- WHAT YOU SHOULD DO: Below are the records. Restate word for word every line from the one that contains "Bounding box: 487 x 323.67 x 350 mm (x, y, z)" through the final line, both included.

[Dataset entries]
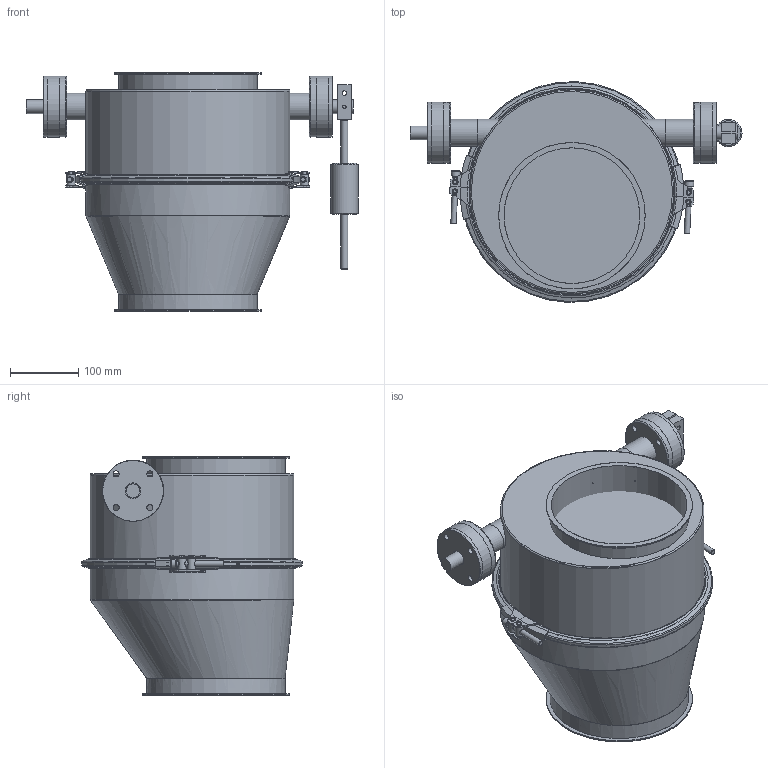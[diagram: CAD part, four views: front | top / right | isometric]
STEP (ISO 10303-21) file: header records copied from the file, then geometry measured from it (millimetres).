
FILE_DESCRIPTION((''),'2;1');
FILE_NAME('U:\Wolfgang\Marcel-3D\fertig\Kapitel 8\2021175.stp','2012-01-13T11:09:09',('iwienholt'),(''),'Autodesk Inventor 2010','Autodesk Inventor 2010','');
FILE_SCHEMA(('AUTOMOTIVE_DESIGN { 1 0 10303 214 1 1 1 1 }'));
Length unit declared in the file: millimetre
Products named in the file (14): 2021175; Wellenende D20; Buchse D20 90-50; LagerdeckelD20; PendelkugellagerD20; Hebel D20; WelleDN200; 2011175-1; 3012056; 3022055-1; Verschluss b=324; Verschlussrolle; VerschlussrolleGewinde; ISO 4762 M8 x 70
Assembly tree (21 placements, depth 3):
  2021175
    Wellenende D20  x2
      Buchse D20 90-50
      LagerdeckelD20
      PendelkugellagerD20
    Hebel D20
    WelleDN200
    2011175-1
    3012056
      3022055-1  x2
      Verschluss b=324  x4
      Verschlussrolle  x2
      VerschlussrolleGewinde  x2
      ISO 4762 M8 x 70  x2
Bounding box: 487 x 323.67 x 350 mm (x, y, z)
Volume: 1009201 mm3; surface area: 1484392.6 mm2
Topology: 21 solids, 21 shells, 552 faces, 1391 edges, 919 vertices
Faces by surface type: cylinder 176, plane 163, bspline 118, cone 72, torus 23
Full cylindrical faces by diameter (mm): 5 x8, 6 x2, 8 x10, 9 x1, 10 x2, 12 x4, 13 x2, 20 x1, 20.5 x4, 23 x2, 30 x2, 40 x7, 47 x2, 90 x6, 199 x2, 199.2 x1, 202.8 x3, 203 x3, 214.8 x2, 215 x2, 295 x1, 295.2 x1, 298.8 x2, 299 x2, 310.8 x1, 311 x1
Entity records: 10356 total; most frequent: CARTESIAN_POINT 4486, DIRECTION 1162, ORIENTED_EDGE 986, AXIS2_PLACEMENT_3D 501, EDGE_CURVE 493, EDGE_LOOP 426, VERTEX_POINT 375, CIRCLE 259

- REPLY:
Bounding box: 487 x 323.67 x 350 mm (x, y, z)
Volume: 1009201 mm3; surface area: 1484392.6 mm2
Topology: 21 solids, 21 shells, 552 faces, 1391 edges, 919 vertices
Faces by surface type: cylinder 176, plane 163, bspline 118, cone 72, torus 23
Full cylindrical faces by diameter (mm): 5 x8, 6 x2, 8 x10, 9 x1, 10 x2, 12 x4, 13 x2, 20 x1, 20.5 x4, 23 x2, 30 x2, 40 x7, 47 x2, 90 x6, 199 x2, 199.2 x1, 202.8 x3, 203 x3, 214.8 x2, 215 x2, 295 x1, 295.2 x1, 298.8 x2, 299 x2, 310.8 x1, 311 x1
Entity records: 10356 total; most frequent: CARTESIAN_POINT 4486, DIRECTION 1162, ORIENTED_EDGE 986, AXIS2_PLACEMENT_3D 501, EDGE_CURVE 493, EDGE_LOOP 426, VERTEX_POINT 375, CIRCLE 259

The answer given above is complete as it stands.